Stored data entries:

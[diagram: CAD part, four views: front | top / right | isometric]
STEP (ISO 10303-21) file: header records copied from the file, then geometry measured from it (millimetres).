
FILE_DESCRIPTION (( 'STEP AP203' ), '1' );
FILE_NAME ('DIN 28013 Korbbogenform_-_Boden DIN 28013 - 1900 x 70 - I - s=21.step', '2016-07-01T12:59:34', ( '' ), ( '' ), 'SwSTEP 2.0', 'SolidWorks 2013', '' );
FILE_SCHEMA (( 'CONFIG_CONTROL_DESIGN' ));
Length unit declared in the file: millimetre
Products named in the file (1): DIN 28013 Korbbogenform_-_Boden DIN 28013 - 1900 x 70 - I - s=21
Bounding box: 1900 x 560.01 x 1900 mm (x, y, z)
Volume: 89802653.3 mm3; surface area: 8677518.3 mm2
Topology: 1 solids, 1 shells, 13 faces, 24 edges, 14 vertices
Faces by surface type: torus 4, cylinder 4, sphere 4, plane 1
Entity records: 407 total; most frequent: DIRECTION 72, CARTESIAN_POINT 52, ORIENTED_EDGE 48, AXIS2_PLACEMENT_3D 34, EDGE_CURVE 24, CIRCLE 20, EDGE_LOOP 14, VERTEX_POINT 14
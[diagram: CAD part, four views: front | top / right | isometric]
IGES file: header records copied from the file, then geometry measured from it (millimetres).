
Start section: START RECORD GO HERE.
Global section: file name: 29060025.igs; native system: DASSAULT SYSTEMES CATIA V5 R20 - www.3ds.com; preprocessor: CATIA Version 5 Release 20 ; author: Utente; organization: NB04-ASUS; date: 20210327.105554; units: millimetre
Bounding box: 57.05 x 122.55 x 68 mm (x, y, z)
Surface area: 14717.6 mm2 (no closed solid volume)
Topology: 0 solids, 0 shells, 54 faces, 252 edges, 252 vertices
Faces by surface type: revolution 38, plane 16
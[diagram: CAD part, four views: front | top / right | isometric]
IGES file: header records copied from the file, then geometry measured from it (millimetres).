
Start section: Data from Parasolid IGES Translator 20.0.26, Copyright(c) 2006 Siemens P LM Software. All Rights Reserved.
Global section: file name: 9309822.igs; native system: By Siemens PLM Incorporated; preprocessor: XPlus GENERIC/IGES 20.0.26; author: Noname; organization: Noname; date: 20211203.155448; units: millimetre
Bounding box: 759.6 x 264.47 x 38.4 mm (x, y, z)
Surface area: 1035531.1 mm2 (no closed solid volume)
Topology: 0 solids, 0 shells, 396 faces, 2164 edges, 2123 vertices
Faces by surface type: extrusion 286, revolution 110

→ Your objective
Once you have read the data, copy all of it out exactly.

→ Output below
[diagram: CAD part, four views: front | top / right | isometric]
STEP (ISO 10303-21) file: header records copied from the file, then geometry measured from it (millimetres).
FILE_DESCRIPTION (( 'STEP AP203' ), '1' );
FILE_NAME ('DIN 28013 Korbbogenform_-_Boden DIN 28013 - 1900 x 70 - I - s=21.step', '2016-07-01T12:59:34', ( '' ), ( '' ), 'SwSTEP 2.0', 'SolidWorks 2013', '' );
FILE_SCHEMA (( 'CONFIG_CONTROL_DESIGN' ));
Length unit declared in the file: millimetre
Products named in the file (1): DIN 28013 Korbbogenform_-_Boden DIN 28013 - 1900 x 70 - I - s=21
Bounding box: 1900 x 560.01 x 1900 mm (x, y, z)
Volume: 89802653.3 mm3; surface area: 8677518.3 mm2
Topology: 1 solids, 1 shells, 13 faces, 24 edges, 14 vertices
Faces by surface type: torus 4, cylinder 4, sphere 4, plane 1
Entity records: 407 total; most frequent: DIRECTION 72, CARTESIAN_POINT 52, ORIENTED_EDGE 48, AXIS2_PLACEMENT_3D 34, EDGE_CURVE 24, CIRCLE 20, EDGE_LOOP 14, VERTEX_POINT 14
[diagram: CAD part, four views: front | top / right | isometric]
IGES file: header records copied from the file, then geometry measured from it (millimetres).
Start section: START RECORD GO HERE.
Global section: file name: 29060025.igs; native system: DASSAULT SYSTEMES CATIA V5 R20 - www.3ds.com; preprocessor: CATIA Version 5 Release 20 ; author: Utente; organization: NB04-ASUS; date: 20210327.105554; units: millimetre
Bounding box: 57.05 x 122.55 x 68 mm (x, y, z)
Surface area: 14717.6 mm2 (no closed solid volume)
Topology: 0 solids, 0 shells, 54 faces, 252 edges, 252 vertices
Faces by surface type: revolution 38, plane 16
[diagram: CAD part, four views: front | top / right | isometric]
IGES file: header records copied from the file, then geometry measured from it (millimetres).
Start section: Data from Parasolid IGES Translator 20.0.26, Copyright(c) 2006 Siemens P LM Software. All Rights Reserved.
Global section: file name: 9309822.igs; native system: By Siemens PLM Incorporated; preprocessor: XPlus GENERIC/IGES 20.0.26; author: Noname; organization: Noname; date: 20211203.155448; units: millimetre
Bounding box: 759.6 x 264.47 x 38.4 mm (x, y, z)
Surface area: 1035531.1 mm2 (no closed solid volume)
Topology: 0 solids, 0 shells, 396 faces, 2164 edges, 2123 vertices
Faces by surface type: extrusion 286, revolution 110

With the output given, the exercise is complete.